No re-installation, kernel reboot, or system reconfiguration is required.

The Watcher operates offsite from the systems it monitors, in a high-security data center environment, deliberately separated from any system Churchill is protecting.

The operating principle: an attacker who compromises a protected system cannot reach The Watcher; an attacker who compromises The Watcher cannot reach a protected system; both being compromised simultaneously is not a single-actor threat model.

Architectural details of The Watcher's trust separation (including its independence from any single cloud, identity, or kernel layer) are reviewed in depth during the pilot under appropriate confidentiality.

Each approved application is signed at the moment of quorum approval. Signing keys are not held by WestGate Data Science. They remain in your control, integrated with your existing key management architecture.

Specific key management patterns (HSM, cloud KMS, or on-premises) are reviewed against your existing infrastructure during the pilot.

Churchill operates at the kernel, not on top of it. The Protector (the layer that anchors Churchill in the kernel) is structurally isolated from the protected system's user-space and root surface. A kernel zero-day that exploits the protected application does not defeat Churchill's enforcement, because Churchill's enforcement layer is not reachable from the application's execution context.

This was tested explicitly in both the public CTF (40 autonomous AI sessions with full root from session start) and the Mythos engagement (multiple sessions beginning with full root). Zero kernel breaches in either program.

Not the injection itself. That is an application-layer problem, and your input validation, WAF, and RASP stay in place to handle it on every system, protected or not. Churchill sits one layer beneath them.

On a Churchill-protected application, no injected code gets executed. The injection may land, but the moment it tries to run a payload, escalate, or persist, it does not run, because it is not part of the CAB-approved application. The injection becomes a dead end instead of a foothold, and every attempt is logged.

Forensic recordings remain in your environment by default. Churchill produces forensic packages (recordings, logs, chain-of-custody metadata) that are stored where you direct, accessible to the personnel you designate.

Recordings are cryptographically signed at capture time, ensuring chain-of-custody integrity for legal, regulatory, or law enforcement use. Cross-environment retention, archival, and access controls are configured during the pilot.

Yes. Churchill produces structured event data (enforcement decisions, blocked attempts, forensic recordings) suitable for SIEM ingestion via standard formats. SOAR playbooks can trigger on Churchill events the same as any other security telemetry source.

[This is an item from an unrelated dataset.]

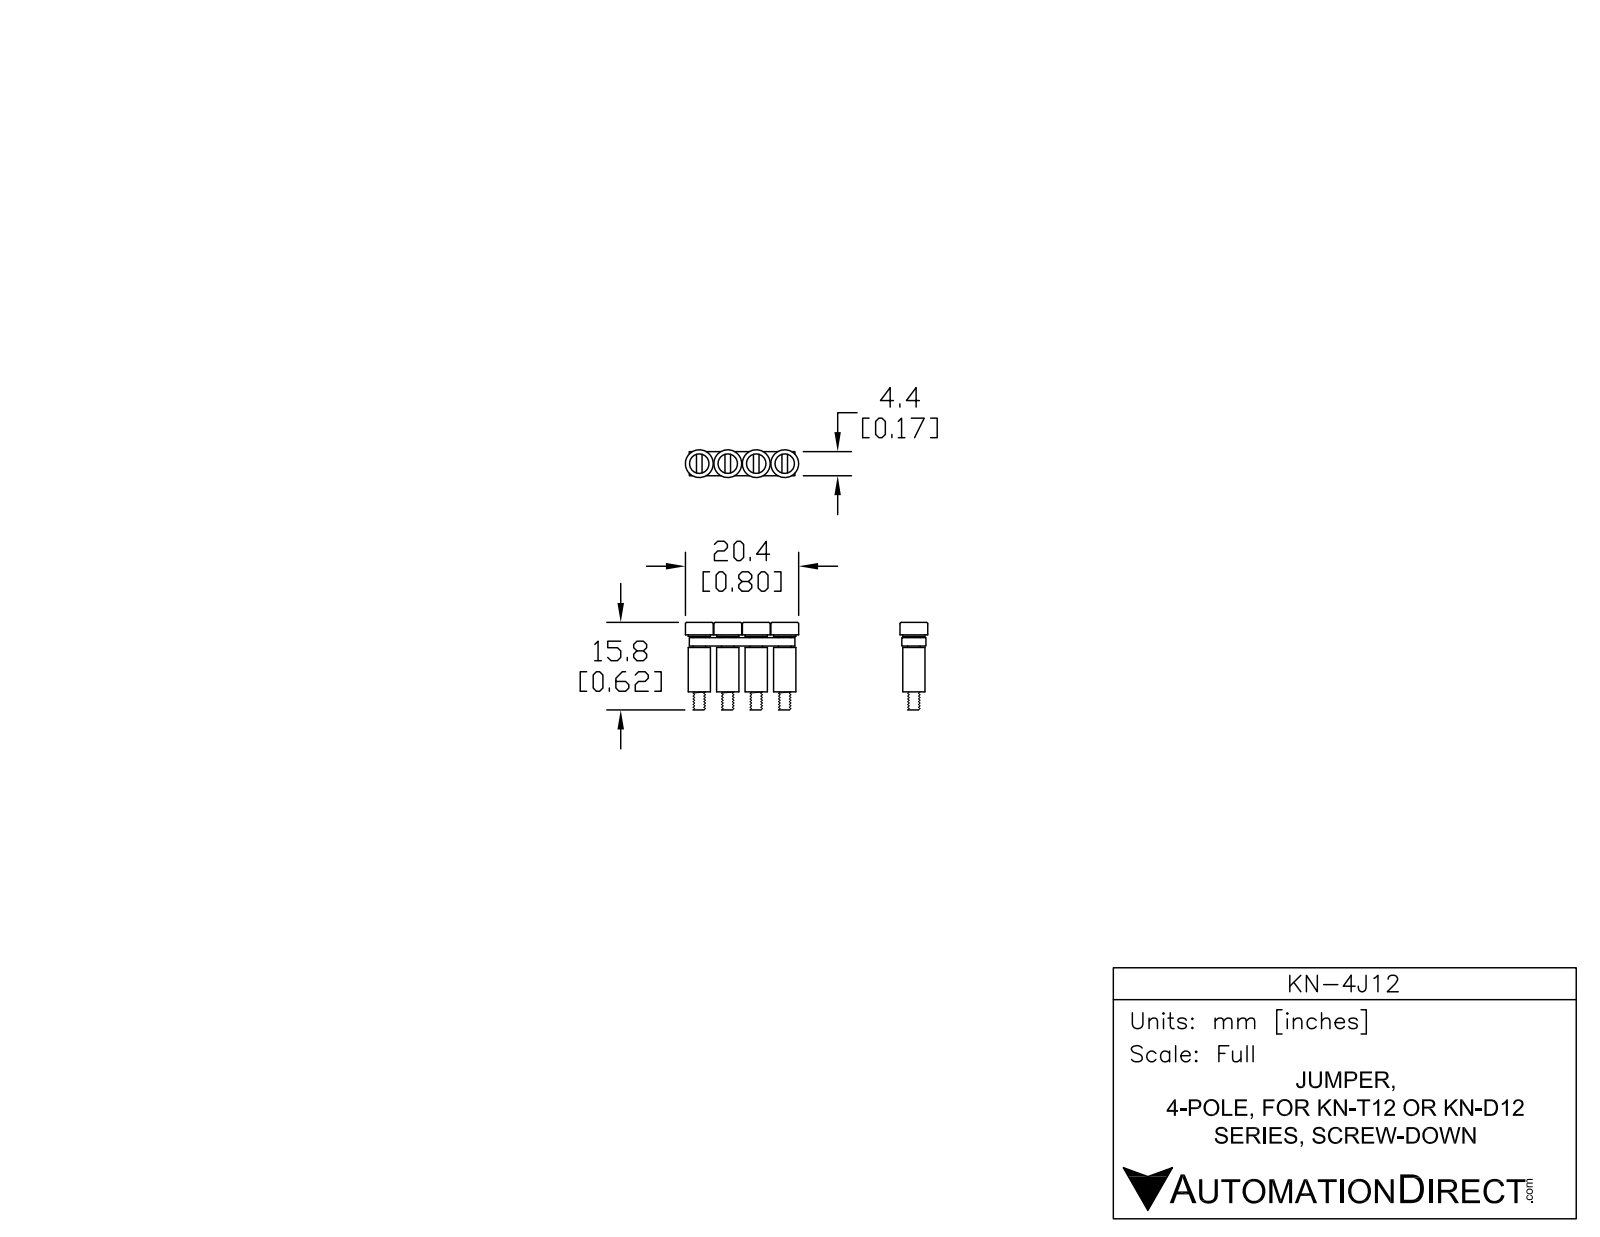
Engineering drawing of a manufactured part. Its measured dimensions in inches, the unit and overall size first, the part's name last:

Churchill does not displace your identity providers. IAM and authentication continue to verify who is requesting access. Churchill verifies what executes, separately. Specific integration patterns for your stack are configured during the pilot.

Churchill provides structural evidence of approved-state enforcement, continuously. This maps directly to controls in the following regulatory regimes:

• DORA: ICT third-party risk and operational resilience requirements
• NERC CIP: Configuration management (CIP-010) and system security management (CIP-007)
• HIPAA Security Rule: Audit controls §164.312(b) and integrity §164.312(c)(1)
• CMMC 2.0: Configuration management family at Level 2
• PCI DSS 4.0: Testing of security systems (Requirement 11)
• NIST 800-53 Rev 5: Controls in the CM (configuration management), SI (system and information integrity), and AU (audit and accountability) families

Specific control mapping for your regulatory regime is reviewed during the pilot.

Yes. The application unit is cryptographically signed at quorum approval. Every enforcement decision and every blocked attempt is logged with chain-of-custody metadata. The evidence record is designed to be reviewed by external auditors, regulators, insurance carriers, or law enforcement without requiring reconstruction of what happened.

This is the operational meaning of "compliance becomes structural proof, not narrative reconstruction."